Another afternoon of much needed massage and rest.  We always have a special “dress-up” night for our last dinner of the camp.  After eating way too much food we all hung out, drank more wine, watched videos from the week and had a lot of laughs.  Hard to believe this was the last night of the camp.

Saturday was the grand finale of the camp.  We shuttled up to the Kokopelli start of the Upper and Lower Porcupine Singletrack.  This has become one of the best rides in the Moab area, and it was a perfect ride to end the camp.  It starts up in the La Sals at almost 8000 feet and then descends back down to Moab at 4500 feet.  Much of the trail follows the edge of Porcupine Rim, giving everyone incredible views of Castle Valley and Castleton Tower.  Of course nothing is every truly downhill.  There are a few leg burning climbs on this ride making you appreciate the downhill that much more. 

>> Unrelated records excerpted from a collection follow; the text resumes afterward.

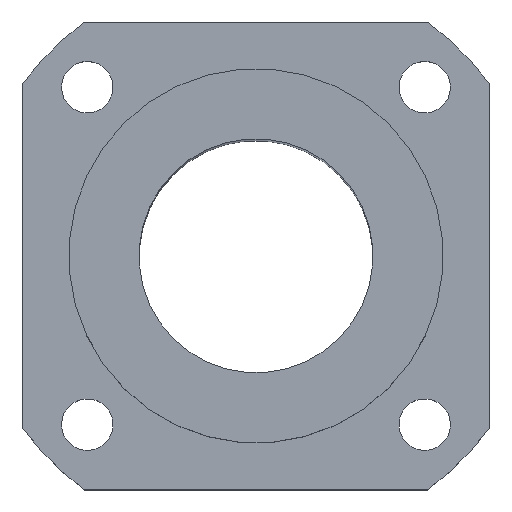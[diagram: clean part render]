
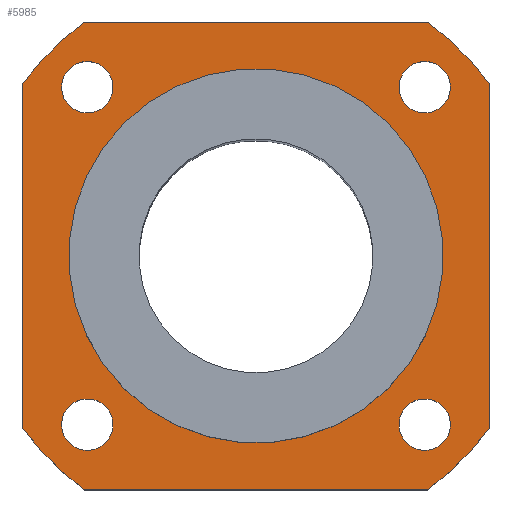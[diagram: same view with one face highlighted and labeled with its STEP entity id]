
A CAD part, top view. The second image highlights one B-rep face of the part: STEP entity #5985.
In plain terms, the highlighted planar face has unit normal (0, 0, 1).
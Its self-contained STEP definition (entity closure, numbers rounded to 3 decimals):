
#111=CIRCLE('',#6355,31.);
#112=CIRCLE('',#6357,31.);
#113=CIRCLE('',#6359,31.);
#114=CIRCLE('',#6361,31.);
#115=CIRCLE('',#6363,2.75);
#116=CIRCLE('',#6364,2.75);
#117=CIRCLE('',#6365,2.75);
#118=CIRCLE('',#6366,2.75);
#119=CIRCLE('',#6367,20.);
#546=ORIENTED_EDGE('',*,*,#2276,.F.);
#547=ORIENTED_EDGE('',*,*,#2277,.F.);
#548=ORIENTED_EDGE('',*,*,#2278,.F.);
#549=ORIENTED_EDGE('',*,*,#2279,.F.);
#550=ORIENTED_EDGE('',*,*,#2280,.T.);
#551=ORIENTED_EDGE('',*,*,#2268,.T.);
#552=ORIENTED_EDGE('',*,*,#2281,.T.);
#553=ORIENTED_EDGE('',*,*,#2264,.T.);
#554=ORIENTED_EDGE('',*,*,#2282,.T.);
#555=ORIENTED_EDGE('',*,*,#2274,.T.);
#556=ORIENTED_EDGE('',*,*,#2283,.T.);
#557=ORIENTED_EDGE('',*,*,#2271,.T.);
#558=ORIENTED_EDGE('',*,*,#2284,.T.);
#2264=EDGE_CURVE('',#3131,#3132,#111,.T.);
#2268=EDGE_CURVE('',#3134,#3133,#112,.T.);
#2271=EDGE_CURVE('',#3136,#3135,#113,.T.);
#2274=EDGE_CURVE('',#3138,#3137,#114,.T.);
#2276=EDGE_CURVE('',#3139,#3139,#115,.T.);
#2277=EDGE_CURVE('',#3140,#3140,#116,.T.);
#2278=EDGE_CURVE('',#3141,#3141,#117,.T.);
#2279=EDGE_CURVE('',#3142,#3142,#118,.T.);
#2280=EDGE_CURVE('',#3143,#3143,#119,.F.);
#2281=EDGE_CURVE('',#3133,#3131,#3662,.T.);
#2282=EDGE_CURVE('',#3132,#3138,#3663,.T.);
#2283=EDGE_CURVE('',#3137,#3136,#3664,.T.);
#2284=EDGE_CURVE('',#3135,#3134,#3665,.T.);
#3131=VERTEX_POINT('',#9449);
#3132=VERTEX_POINT('',#9450);
#3133=VERTEX_POINT('',#9455);
#3134=VERTEX_POINT('',#9457);
#3135=VERTEX_POINT('',#9461);
#3136=VERTEX_POINT('',#9463);
#3137=VERTEX_POINT('',#9467);
#3138=VERTEX_POINT('',#9469);
#3139=VERTEX_POINT('',#9473);
#3140=VERTEX_POINT('',#9475);
#3141=VERTEX_POINT('',#9477);
#3142=VERTEX_POINT('',#9479);
#3143=VERTEX_POINT('',#9481);
#3662=LINE('',#9482,#4369);
#3663=LINE('',#9483,#4370);
#3664=LINE('',#9484,#4371);
#3665=LINE('',#9485,#4372);
#4369=VECTOR('',#6931,1000.);
#4370=VECTOR('',#6932,1000.);
#4371=VECTOR('',#6933,1000.);
#4372=VECTOR('',#6934,1000.);
#4910=EDGE_LOOP('',(#546));
#4911=EDGE_LOOP('',(#547));
#4912=EDGE_LOOP('',(#548));
#4913=EDGE_LOOP('',(#549));
#4914=EDGE_LOOP('',(#550));
#4915=EDGE_LOOP('',(#551,#552,#553,#554,#555,#556,#557,#558));
#5335=FACE_BOUND('',#4910,.T.);
#5336=FACE_BOUND('',#4911,.T.);
#5337=FACE_BOUND('',#4912,.T.);
#5338=FACE_BOUND('',#4913,.T.);
#5339=FACE_BOUND('',#4914,.T.);
#5340=FACE_BOUND('',#4915,.T.);
#5712=PLANE('',#6362);
#5985=ADVANCED_FACE('',(#5335,#5336,#5337,#5338,#5339,#5340),#5712,.T.);
#6355=AXIS2_PLACEMENT_3D('',#9448,#6897,#6898);
#6357=AXIS2_PLACEMENT_3D('',#9456,#6904,#6905);
#6359=AXIS2_PLACEMENT_3D('',#9462,#6910,#6911);
#6361=AXIS2_PLACEMENT_3D('',#9468,#6916,#6917);
#6362=AXIS2_PLACEMENT_3D('',#9471,#6919,#6920);
#6363=AXIS2_PLACEMENT_3D('',#9472,#6921,#6922);
#6364=AXIS2_PLACEMENT_3D('',#9474,#6923,#6924);
#6365=AXIS2_PLACEMENT_3D('',#9476,#6925,#6926);
#6366=AXIS2_PLACEMENT_3D('',#9478,#6927,#6928);
#6367=AXIS2_PLACEMENT_3D('',#9480,#6929,#6930);
#6897=DIRECTION('',(0.,0.,1.));
#6898=DIRECTION('',(0.707,-0.707,0.));
#6904=DIRECTION('',(0.,0.,1.));
#6905=DIRECTION('',(0.707,-0.707,0.));
#6910=DIRECTION('',(0.,0.,1.));
#6911=DIRECTION('',(0.707,-0.707,0.));
#6916=DIRECTION('',(0.,0.,1.));
#6917=DIRECTION('',(0.707,-0.707,0.));
#6919=DIRECTION('',(0.,0.,1.));
#6920=DIRECTION('',(0.707,-0.707,0.));
#6921=DIRECTION('',(0.,0.,1.));
#6922=DIRECTION('',(0.707,-0.707,0.));
#6923=DIRECTION('',(0.,0.,1.));
#6924=DIRECTION('',(0.707,-0.707,0.));
#6925=DIRECTION('',(0.,0.,1.));
#6926=DIRECTION('',(0.707,-0.707,0.));
#6927=DIRECTION('',(0.,0.,1.));
#6928=DIRECTION('',(0.707,-0.707,0.));
#6929=DIRECTION('',(0.,0.,1.));
#6930=DIRECTION('',(0.707,-0.707,0.));
#6931=DIRECTION('',(0.,-1.,0.));
#6932=DIRECTION('',(1.,0.,0.));
#6933=DIRECTION('',(0.,1.,0.));
#6934=DIRECTION('',(-1.,0.,0.));
#9448=CARTESIAN_POINT('',(0.,0.,0.));
#9449=CARTESIAN_POINT('',(-25.,-18.33,0.));
#9450=CARTESIAN_POINT('',(-18.33,-25.,0.));
#9455=CARTESIAN_POINT('',(-25.,18.33,0.));
#9456=CARTESIAN_POINT('',(0.,0.,0.));
#9457=CARTESIAN_POINT('',(-18.33,25.,0.));
#9461=CARTESIAN_POINT('',(18.33,25.,0.));
#9462=CARTESIAN_POINT('',(0.,0.,0.));
#9463=CARTESIAN_POINT('',(25.,18.33,0.));
#9467=CARTESIAN_POINT('',(25.,-18.33,0.));
#9468=CARTESIAN_POINT('',(0.,0.,0.));
#9469=CARTESIAN_POINT('',(18.33,-25.,0.));
#9471=CARTESIAN_POINT('',(0.,0.,0.));
#9472=CARTESIAN_POINT('',(18.031,18.031,0.));
#9473=CARTESIAN_POINT('',(19.976,16.087,0.));
#9474=CARTESIAN_POINT('',(-18.031,18.031,0.));
#9475=CARTESIAN_POINT('',(-16.087,16.087,0.));
#9476=CARTESIAN_POINT('',(-18.031,-18.031,0.));
#9477=CARTESIAN_POINT('',(-16.087,-19.976,0.));
#9478=CARTESIAN_POINT('',(18.031,-18.031,0.));
#9479=CARTESIAN_POINT('',(19.976,-19.976,0.));
#9480=CARTESIAN_POINT('',(0.,0.,0.));
#9481=CARTESIAN_POINT('',(14.142,-14.142,0.));
#9482=CARTESIAN_POINT('',(-25.,0.,0.));
#9483=CARTESIAN_POINT('',(0.,-25.,0.));
#9484=CARTESIAN_POINT('',(25.,0.,0.));
#9485=CARTESIAN_POINT('',(0.,25.,0.));

Lucky for us, my husband Greg joined us for the day.  He drove out to Moab late Thursday after work, mostly to see Emmett, but also to help me out with this ride.   His dry sense of humor was a big hit with the campers and kept us entertained all day.  And after six plus hours, numerous flat tires, a broken cleat, and a few mechanicals, we made it down with everyone intact, grinning from ear to ear.  Whew!  I’ve done this ride at least 50 times and it is still my favorite!

After returning to the condos we unpacked the van, loaded up the cars, took a few last pictures, and said goodbye.  The end of camp is always bittersweet.  I am relieved to finish, but I also feel like I’m saying goodbye to my best friends.  It was a big success and I can’t wait to go back in October and do it all again.

Have a great summer and maybe we’ll see you this fall in Moab!